According to him, “Where the National Assembly lawfully extends, reenacts, or preserves expenditure authority beyond a single calendar year, such authority remains legally valid and enforceable until its expiration under law.”

The statement also referenced judicial precedents within Commonwealth public finance jurisprudence, including the Nigerian Supreme Court decision in Attorney-General of Bendel State v. Attorney-General of the Federation, which underscored legislative supremacy over public expenditure authorisation.

The budget office further pointed to fiscal disruptions experienced globally during and after the COVID-19 pandemic, noting that several countries extended budget implementation windows to address procurement delays, revenue shocks and project continuity challenges.

Yakubu said Nigeria had similarly extended implementation periods in the past to prevent abandonment of ongoing projects, protect contractor liquidity and preserve jobs.

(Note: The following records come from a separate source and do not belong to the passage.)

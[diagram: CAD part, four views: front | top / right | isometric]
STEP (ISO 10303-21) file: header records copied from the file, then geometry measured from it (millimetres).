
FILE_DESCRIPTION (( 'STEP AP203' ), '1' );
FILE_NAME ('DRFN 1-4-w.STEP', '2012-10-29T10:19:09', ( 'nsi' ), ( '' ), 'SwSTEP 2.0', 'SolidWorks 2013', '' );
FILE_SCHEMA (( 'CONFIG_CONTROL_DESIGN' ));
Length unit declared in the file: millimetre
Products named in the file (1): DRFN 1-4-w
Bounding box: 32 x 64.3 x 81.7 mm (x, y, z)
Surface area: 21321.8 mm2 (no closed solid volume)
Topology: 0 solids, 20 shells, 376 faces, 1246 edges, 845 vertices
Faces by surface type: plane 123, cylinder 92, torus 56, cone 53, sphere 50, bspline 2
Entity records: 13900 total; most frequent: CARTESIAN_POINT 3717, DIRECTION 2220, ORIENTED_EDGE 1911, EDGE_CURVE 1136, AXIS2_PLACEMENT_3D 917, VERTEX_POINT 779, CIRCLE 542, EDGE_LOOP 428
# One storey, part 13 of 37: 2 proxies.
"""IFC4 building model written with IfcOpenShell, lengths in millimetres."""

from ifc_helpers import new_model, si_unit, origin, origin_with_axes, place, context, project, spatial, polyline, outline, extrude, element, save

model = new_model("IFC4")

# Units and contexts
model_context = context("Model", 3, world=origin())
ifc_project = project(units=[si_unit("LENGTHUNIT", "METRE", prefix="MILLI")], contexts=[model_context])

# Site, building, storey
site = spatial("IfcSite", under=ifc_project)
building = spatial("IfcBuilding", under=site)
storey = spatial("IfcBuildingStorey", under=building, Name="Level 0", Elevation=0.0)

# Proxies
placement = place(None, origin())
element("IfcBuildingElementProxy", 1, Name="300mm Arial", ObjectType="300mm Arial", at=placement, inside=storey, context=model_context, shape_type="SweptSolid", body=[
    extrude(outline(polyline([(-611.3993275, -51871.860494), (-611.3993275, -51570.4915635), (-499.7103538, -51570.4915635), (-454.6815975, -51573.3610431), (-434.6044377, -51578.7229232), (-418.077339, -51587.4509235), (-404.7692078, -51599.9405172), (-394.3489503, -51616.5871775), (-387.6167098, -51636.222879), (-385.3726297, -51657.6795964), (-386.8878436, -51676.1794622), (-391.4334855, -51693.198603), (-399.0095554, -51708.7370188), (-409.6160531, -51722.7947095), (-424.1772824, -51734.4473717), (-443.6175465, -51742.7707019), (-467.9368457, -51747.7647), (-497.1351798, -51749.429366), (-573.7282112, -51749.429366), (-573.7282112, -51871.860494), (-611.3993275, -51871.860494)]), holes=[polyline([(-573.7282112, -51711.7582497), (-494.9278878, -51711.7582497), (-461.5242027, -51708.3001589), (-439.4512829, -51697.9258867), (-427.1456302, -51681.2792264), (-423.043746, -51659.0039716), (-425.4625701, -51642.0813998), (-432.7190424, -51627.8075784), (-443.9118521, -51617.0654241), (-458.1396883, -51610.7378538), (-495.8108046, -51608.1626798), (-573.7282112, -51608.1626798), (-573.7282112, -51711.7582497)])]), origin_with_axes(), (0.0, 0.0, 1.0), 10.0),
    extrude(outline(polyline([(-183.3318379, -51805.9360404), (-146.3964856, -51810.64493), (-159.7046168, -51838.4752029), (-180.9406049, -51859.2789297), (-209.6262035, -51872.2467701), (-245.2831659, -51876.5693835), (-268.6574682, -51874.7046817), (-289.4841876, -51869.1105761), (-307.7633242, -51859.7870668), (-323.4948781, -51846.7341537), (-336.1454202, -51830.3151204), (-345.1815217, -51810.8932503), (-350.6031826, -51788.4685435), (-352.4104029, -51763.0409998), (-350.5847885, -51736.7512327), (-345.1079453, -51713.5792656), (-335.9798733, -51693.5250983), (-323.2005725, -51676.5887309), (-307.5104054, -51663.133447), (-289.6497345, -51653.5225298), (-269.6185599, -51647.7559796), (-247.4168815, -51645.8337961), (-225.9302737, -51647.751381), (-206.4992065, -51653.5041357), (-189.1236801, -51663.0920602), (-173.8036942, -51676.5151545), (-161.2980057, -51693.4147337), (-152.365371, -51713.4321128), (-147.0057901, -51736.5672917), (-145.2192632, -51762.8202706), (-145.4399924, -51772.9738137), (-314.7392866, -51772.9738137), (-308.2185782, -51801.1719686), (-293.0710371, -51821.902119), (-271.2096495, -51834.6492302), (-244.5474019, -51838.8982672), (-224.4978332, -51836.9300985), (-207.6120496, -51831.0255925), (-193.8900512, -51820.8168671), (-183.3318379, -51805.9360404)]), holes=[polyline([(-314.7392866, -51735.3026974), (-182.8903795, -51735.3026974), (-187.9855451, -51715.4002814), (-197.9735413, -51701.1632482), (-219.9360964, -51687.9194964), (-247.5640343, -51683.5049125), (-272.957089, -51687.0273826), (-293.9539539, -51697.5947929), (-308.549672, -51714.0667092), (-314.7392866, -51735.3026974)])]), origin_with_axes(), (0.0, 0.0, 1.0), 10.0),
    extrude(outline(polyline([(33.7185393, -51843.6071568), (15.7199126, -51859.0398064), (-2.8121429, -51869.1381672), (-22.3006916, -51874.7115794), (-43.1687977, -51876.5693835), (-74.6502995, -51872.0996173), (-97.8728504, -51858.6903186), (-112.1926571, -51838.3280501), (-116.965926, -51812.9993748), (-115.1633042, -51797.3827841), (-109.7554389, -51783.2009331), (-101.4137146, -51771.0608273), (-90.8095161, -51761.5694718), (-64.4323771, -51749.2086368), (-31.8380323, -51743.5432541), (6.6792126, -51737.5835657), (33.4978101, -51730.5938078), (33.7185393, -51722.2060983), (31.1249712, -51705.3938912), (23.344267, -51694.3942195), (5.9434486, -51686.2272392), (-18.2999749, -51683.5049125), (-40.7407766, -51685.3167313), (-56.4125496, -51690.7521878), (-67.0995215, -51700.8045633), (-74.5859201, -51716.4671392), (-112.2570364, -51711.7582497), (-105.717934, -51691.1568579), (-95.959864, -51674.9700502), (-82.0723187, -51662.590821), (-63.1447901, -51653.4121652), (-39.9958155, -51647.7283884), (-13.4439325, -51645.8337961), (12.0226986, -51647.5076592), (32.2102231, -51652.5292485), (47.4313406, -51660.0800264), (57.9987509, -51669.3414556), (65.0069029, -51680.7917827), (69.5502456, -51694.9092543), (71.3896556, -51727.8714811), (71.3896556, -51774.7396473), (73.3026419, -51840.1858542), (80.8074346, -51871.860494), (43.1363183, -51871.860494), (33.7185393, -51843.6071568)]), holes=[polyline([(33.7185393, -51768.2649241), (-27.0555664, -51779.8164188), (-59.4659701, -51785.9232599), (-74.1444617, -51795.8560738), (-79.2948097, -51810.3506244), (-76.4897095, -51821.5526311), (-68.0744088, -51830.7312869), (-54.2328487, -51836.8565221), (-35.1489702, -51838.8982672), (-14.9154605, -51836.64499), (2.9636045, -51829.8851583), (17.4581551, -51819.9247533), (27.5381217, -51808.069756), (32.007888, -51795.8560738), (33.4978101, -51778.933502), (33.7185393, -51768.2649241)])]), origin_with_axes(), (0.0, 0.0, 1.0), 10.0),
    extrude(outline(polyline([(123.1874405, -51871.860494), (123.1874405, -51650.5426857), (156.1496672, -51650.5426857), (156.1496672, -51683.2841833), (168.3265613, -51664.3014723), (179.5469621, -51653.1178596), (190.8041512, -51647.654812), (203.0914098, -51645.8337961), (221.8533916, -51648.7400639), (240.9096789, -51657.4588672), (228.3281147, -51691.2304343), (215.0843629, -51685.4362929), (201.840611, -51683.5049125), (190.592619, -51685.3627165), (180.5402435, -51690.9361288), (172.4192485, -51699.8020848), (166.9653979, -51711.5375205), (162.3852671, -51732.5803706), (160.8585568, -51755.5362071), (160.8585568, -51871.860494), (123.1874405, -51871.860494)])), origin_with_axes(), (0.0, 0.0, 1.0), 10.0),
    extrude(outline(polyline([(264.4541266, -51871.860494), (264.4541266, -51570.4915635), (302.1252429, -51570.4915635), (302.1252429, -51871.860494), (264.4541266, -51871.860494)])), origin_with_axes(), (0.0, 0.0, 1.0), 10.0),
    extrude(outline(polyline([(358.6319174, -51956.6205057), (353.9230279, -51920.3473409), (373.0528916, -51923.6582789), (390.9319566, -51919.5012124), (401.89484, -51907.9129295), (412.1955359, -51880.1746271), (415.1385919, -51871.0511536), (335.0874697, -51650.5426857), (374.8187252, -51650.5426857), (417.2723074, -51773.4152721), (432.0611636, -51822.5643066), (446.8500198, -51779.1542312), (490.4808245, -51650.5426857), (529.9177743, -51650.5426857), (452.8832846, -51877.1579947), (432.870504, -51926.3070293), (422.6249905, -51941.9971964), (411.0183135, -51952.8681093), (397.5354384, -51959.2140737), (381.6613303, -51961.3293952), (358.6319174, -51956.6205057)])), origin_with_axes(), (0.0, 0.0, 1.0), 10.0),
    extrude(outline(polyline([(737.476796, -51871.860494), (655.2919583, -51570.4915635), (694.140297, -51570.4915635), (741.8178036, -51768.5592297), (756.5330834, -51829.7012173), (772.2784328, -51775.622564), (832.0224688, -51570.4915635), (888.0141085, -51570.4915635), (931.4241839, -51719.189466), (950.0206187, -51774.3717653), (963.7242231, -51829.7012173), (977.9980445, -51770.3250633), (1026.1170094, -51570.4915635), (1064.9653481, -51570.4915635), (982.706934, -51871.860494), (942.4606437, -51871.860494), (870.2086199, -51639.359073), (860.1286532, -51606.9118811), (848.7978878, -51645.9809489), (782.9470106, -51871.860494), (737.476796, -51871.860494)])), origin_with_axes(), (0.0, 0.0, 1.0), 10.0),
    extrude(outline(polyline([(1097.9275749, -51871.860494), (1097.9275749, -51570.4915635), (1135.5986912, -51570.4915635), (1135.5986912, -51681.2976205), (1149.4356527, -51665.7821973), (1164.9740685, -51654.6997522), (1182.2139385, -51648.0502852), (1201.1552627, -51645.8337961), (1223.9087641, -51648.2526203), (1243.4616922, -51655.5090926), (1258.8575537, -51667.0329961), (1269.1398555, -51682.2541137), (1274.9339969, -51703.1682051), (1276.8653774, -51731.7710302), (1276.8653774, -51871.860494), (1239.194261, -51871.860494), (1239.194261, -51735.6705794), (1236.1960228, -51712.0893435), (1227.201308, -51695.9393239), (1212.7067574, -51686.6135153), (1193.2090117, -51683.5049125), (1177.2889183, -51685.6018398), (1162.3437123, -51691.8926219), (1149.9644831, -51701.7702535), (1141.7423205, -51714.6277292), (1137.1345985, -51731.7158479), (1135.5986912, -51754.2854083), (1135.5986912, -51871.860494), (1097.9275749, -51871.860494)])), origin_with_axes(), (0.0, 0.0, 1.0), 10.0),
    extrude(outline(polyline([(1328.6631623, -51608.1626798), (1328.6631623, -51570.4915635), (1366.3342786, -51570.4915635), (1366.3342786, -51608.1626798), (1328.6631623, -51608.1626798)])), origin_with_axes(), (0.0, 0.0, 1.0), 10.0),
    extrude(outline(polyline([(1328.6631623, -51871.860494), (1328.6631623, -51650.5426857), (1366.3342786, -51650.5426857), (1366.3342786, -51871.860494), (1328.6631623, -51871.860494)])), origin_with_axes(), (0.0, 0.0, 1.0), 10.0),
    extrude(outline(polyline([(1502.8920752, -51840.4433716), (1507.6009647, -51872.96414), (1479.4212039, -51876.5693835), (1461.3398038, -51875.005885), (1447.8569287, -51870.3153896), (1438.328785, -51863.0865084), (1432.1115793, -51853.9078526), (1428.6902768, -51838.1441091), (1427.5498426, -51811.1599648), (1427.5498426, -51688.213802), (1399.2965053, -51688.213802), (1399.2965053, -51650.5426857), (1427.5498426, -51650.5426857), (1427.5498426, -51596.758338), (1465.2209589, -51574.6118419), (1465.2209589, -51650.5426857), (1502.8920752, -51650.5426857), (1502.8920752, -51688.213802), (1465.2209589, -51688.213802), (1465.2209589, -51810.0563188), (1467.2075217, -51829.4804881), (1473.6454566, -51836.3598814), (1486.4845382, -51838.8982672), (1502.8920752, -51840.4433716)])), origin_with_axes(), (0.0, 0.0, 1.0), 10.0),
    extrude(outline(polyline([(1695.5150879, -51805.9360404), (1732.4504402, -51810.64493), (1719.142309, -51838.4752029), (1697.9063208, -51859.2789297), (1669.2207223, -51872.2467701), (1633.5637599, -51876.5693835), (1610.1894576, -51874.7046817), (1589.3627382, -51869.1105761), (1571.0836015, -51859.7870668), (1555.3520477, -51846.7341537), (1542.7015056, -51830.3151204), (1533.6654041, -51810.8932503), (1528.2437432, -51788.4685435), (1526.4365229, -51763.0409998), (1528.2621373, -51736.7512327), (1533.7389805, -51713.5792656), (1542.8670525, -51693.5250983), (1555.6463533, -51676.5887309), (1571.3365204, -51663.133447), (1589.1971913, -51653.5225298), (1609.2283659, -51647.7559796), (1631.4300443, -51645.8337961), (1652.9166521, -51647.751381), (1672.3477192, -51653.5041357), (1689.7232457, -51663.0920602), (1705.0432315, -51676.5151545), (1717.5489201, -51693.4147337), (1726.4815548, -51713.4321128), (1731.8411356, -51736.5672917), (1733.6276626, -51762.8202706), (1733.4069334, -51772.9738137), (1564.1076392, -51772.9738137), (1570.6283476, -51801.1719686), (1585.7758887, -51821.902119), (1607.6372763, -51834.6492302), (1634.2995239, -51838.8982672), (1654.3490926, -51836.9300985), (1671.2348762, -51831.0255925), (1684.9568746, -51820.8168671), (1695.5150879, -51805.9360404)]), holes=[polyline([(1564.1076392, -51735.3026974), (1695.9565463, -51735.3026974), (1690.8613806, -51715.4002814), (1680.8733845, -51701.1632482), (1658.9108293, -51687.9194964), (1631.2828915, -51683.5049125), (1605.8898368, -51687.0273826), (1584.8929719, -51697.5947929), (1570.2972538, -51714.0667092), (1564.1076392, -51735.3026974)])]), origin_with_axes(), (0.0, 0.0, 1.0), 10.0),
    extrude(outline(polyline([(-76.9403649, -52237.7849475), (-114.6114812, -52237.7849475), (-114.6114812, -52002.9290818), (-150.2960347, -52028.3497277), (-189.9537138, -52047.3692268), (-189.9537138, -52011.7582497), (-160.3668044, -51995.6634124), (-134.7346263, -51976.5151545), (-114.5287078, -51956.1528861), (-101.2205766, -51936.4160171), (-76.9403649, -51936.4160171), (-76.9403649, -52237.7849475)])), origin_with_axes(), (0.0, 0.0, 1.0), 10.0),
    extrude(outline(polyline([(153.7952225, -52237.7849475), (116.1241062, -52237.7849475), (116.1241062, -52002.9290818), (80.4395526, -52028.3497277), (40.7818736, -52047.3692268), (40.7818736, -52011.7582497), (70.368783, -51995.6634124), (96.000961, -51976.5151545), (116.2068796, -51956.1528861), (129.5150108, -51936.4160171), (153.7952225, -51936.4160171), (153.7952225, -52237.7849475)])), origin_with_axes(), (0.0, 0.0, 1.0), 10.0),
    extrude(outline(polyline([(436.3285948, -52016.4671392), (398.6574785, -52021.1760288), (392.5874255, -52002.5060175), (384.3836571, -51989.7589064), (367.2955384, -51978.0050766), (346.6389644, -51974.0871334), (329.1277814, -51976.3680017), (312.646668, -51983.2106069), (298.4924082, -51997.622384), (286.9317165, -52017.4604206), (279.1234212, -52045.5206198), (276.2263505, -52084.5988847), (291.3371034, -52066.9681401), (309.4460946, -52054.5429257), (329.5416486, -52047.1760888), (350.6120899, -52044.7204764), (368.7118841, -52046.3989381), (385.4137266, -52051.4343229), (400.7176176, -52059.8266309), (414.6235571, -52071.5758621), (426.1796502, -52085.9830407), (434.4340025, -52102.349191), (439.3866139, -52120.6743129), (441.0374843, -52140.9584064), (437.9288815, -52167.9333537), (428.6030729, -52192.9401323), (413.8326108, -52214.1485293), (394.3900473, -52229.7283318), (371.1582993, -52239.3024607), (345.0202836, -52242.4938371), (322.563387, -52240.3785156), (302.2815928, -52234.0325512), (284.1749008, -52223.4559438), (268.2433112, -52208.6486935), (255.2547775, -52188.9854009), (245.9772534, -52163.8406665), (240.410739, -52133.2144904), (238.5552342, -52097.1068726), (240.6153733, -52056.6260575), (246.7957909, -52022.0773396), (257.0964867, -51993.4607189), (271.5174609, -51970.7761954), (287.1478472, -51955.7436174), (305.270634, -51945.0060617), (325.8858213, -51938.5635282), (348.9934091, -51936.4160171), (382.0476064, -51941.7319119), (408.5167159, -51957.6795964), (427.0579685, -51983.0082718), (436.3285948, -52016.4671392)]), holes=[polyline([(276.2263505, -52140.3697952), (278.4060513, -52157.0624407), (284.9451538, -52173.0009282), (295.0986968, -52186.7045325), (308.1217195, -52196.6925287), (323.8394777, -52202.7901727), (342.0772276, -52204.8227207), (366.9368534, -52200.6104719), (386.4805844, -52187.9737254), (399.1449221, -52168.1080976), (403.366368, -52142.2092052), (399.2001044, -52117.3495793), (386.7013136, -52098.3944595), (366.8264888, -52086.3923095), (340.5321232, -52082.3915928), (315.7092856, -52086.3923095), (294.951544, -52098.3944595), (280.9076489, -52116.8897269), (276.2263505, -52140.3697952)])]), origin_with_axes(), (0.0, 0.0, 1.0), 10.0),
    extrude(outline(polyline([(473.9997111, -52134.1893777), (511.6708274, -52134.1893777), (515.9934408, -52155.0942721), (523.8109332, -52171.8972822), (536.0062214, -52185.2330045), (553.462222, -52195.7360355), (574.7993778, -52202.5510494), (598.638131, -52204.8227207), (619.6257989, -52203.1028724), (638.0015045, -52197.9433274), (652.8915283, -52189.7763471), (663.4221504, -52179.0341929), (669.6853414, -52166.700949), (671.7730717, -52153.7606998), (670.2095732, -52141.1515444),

He disclosed that following the 2025 budget adjustments, the budget office commenced extensive reconciliations covering revenue performance reviews, expenditure alignment, financing updates, cash management adjustments and inter-agency coordination to ensure the integrity and accuracy of the reports.

According to him, the outstanding Quarterly Budget Implementation Reports “are being finalised and will be released in phases over the coming weeks.”

He added that the office was also upgrading its digital reporting infrastructure and harmonisation systems to improve the timeliness and analytical quality of future fiscal reports.

He reaffirmed the federal government’s commitment to the principles of open budgeting, fiscal discipline, transparency, constitutional compliance, and accountable public financial management in accordance with global best practices.